## Task to complete
Any image found in the entries is to be skipped; the rest is returned word for word.

[Entries taken from a collection]
-.-.-

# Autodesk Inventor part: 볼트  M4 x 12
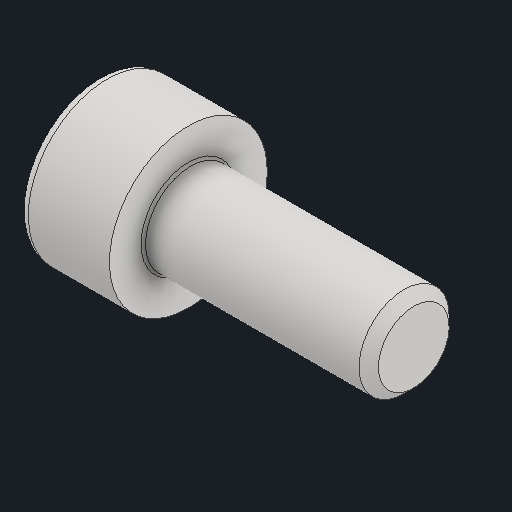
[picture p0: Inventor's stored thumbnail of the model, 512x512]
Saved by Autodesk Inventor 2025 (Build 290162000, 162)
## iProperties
Created: 2025-08
Part Number: 볼트  M4 x 12
Material: 스테인리스강
Description: 6각머리 태핑 나사
Document SubType Name: Modeling
Designer: infra08
Density: 8.08 g/cm^3
Appearance: 기본값
Author: jhkim
Sending System: Autodesk Inventor 2026
Preprocessor: ST-DEVELOPER v20.1
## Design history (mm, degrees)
feature "Solid1"
node "솔리드1"

-.-.-

## Solution to this exercise
# Autodesk Inventor part: 볼트  M4 x 12
[picture p0: Inventor's stored thumbnail of the model, 512x512]
Saved by Autodesk Inventor 2025 (Build 290162000, 162)
## iProperties
Created: 2025-08
Part Number: 볼트  M4 x 12
Material: 스테인리스강
Description: 6각머리 태핑 나사
Document SubType Name: Modeling
Designer: infra08
Density: 8.08 g/cm^3
Appearance: 기본값
Author: jhkim
Sending System: Autodesk Inventor 2026
Preprocessor: ST-DEVELOPER v20.1
## Design history (mm, degrees)
feature "Solid1"
node "솔리드1"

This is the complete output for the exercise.